As I mentioned earlier today, you must visit Perry Noble's post from today.
As Perry said, the following is directed towards Pastors but is vital for everyone.
Here's my story and I'm stickin' to it.
While I was a youth Pastor, my wife and I moved from Texas to Virginia. At about the 3rd staff meeting the issue was raised about the Pastor's wives not helping with the setup of chairs. Apparently some people were whining in the church about the staff wives coming in a little later (still early, just not when the truck pulled up) and not helping with the setup of the main auditorium.
Being new (and in shock) I waited and let everyone else talk. I heard "well, we could spin it this way." or "Maybe our wives could set up some chairs." I heard a serious conversation of people who were perplexed and wanted to keep the peace.
I finally spoke up and said "This is garbage. My name is on the check, not my wife. Number two... if they have a problem with my wife, let them come talk to myself or her." I was quickly assured that we just arrived, and this had nothing to do with Kristy. I said "Yes it does. How you handle this as a staff directly impacts my wife and I'm telling you that this is not up for debate. These people who want to whine need to know that my wife's best ministry is as my wife and whatever she does on Sundays or any other day of the week is out of her own passion and gift-mix. She is not to be held accountable for setting up chairs. We have a church of hundreds... our wives are not the only people who can do some more work around here. This is not up for discussion with me."
Everyone paused and then the room shifted. It was as if everyone was given permission to really share their hearts. Then the men in the room began to say "Yeah, and this guy who's complaining should come to each of us, not talk behind our backs." another said "And in fact, this person is seldom there all of the time anyway." another "And our wives do a lot of stuff that people don't know about."
It was amazing. I didn't realize at that time how many Pastors had this flipped upside down.
My wife is amazing. I love her. She's my partner and my best friend. We are truly ONE at this point in our lives. But we are not ONE when it comes to getting chewed out in a staff meeting. If someone wants to question my 'work' within the church, fine. I took the job. Our churches need to know however that our wives are not a second free employee. We need to be men and seperate the stereotypes from the standards in our families.

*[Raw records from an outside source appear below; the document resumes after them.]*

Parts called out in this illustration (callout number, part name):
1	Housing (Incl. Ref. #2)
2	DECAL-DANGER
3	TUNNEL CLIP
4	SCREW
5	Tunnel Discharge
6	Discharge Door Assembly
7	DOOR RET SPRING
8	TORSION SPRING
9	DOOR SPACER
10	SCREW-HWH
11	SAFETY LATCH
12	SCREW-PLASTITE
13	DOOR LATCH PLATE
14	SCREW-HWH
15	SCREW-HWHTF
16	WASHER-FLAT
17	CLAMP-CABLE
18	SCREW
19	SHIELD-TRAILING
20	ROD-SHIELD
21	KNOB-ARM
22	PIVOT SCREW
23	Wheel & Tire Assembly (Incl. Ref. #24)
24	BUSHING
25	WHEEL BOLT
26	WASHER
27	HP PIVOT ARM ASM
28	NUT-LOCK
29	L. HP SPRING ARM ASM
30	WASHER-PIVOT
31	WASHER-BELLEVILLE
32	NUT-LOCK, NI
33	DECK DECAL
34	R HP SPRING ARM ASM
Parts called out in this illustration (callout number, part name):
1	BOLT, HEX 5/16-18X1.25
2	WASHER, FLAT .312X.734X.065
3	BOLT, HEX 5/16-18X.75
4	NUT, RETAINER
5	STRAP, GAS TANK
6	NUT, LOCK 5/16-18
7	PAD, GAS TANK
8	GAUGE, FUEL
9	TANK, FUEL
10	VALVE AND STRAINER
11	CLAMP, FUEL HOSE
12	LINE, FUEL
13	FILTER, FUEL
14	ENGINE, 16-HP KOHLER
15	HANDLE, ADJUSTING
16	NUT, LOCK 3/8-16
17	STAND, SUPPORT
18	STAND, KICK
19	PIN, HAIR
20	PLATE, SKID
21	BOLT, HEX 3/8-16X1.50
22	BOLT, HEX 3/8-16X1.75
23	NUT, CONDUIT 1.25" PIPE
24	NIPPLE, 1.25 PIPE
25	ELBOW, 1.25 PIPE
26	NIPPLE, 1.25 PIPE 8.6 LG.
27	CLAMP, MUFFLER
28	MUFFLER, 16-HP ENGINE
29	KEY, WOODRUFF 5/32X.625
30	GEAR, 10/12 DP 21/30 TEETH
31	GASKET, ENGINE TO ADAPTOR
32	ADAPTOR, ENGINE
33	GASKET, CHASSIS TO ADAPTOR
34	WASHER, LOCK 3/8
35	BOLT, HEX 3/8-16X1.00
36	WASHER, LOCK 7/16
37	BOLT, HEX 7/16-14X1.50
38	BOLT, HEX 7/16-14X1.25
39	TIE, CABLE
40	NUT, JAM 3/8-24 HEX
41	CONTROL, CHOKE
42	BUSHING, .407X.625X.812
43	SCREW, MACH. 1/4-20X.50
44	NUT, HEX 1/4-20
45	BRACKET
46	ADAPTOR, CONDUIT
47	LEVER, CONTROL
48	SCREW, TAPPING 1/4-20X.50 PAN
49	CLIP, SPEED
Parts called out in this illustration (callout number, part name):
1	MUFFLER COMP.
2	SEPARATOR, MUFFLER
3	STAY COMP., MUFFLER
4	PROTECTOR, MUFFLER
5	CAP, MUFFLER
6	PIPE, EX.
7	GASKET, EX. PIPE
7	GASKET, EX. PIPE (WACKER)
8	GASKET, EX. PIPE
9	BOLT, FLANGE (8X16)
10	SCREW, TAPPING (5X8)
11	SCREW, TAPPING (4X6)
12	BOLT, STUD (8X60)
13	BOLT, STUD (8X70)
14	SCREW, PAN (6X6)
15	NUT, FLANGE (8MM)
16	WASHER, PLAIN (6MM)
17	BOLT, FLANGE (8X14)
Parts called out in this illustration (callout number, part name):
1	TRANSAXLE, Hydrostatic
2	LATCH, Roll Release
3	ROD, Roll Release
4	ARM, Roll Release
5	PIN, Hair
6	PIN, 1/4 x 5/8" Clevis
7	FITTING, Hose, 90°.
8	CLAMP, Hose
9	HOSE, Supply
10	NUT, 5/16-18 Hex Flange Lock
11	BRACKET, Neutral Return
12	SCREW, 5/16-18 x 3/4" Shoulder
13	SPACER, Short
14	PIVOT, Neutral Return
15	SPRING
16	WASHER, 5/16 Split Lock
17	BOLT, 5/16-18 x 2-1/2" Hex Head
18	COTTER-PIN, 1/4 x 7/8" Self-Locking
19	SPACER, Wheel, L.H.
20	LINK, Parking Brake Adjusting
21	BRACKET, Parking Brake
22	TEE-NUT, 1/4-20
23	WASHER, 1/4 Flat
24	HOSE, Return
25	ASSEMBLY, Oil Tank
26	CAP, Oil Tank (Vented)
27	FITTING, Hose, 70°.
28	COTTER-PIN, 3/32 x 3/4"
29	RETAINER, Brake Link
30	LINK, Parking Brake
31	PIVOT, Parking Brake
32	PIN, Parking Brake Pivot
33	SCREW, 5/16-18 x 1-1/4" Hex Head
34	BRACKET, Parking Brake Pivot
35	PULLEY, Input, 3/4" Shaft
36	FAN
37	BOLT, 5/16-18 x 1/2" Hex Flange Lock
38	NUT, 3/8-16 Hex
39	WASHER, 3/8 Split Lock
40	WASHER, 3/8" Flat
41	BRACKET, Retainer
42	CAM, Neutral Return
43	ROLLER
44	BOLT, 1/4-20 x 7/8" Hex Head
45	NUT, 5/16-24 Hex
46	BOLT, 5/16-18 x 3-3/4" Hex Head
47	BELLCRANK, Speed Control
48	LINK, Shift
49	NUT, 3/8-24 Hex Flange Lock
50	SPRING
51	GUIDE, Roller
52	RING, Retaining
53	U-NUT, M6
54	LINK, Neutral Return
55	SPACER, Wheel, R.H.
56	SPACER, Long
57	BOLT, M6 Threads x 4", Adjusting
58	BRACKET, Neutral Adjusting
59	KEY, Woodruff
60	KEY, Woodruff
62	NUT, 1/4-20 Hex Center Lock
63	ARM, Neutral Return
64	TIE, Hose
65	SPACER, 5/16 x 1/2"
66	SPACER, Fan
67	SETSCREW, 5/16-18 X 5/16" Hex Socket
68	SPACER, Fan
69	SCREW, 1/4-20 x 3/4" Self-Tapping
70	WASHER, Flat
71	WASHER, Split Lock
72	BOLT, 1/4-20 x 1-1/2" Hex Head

Should your wife be active in the church? Yeah. But as any other member.
Since we've started the church Kristy only does what Kristy chooses to do. At times she's done letters, cards, visiting. Other times she's done nursery or helped with setup. Everything she's done has been because she believes in God's calling for this church and her involvement in it as a member. But above all of that do you know where her ministry is? He's typing these words.
My wife is a minister to me. She knows me better than any Pastor I've ever met and you know what? She speaks words of truth into my life. God uses her in ways he could never use a phone call, a televangelist, or podcast to fill my spiritual needs. She keeps our home in order and keeps me grounded. She takes care of our son and has meals ready for me. She encourages me when the world walks out and she tugs at my shirt when I get a little too full of myself. My wife's most valuable ministry time is NOT on Sundays or any day in front of church people. My wife is the most valued to our church when she's alone with me by my side.
Pastors. Please. Do not let your family take the hit for the ministry. The job you have will always be there tomorrow. Ultimately if you really think you're that important to the success of the ministry... you're not. I heard a long time ago "The grave is full of indespensible people."
We will build HIS church, not ours. The funny thing is that one of the qualifications to lead is to be a great husband and to take care of your family.
Are you God's man first in your home? Or do you just play one on Sundays?
2 comments:
Great words, Bro. And the actions to back it up too. I would be in deep doo if it weren't for my wife doing the same things for me in ministering to me.
I agree completely. I do wonder if things are considered different if the husband is the non-pastor in the family.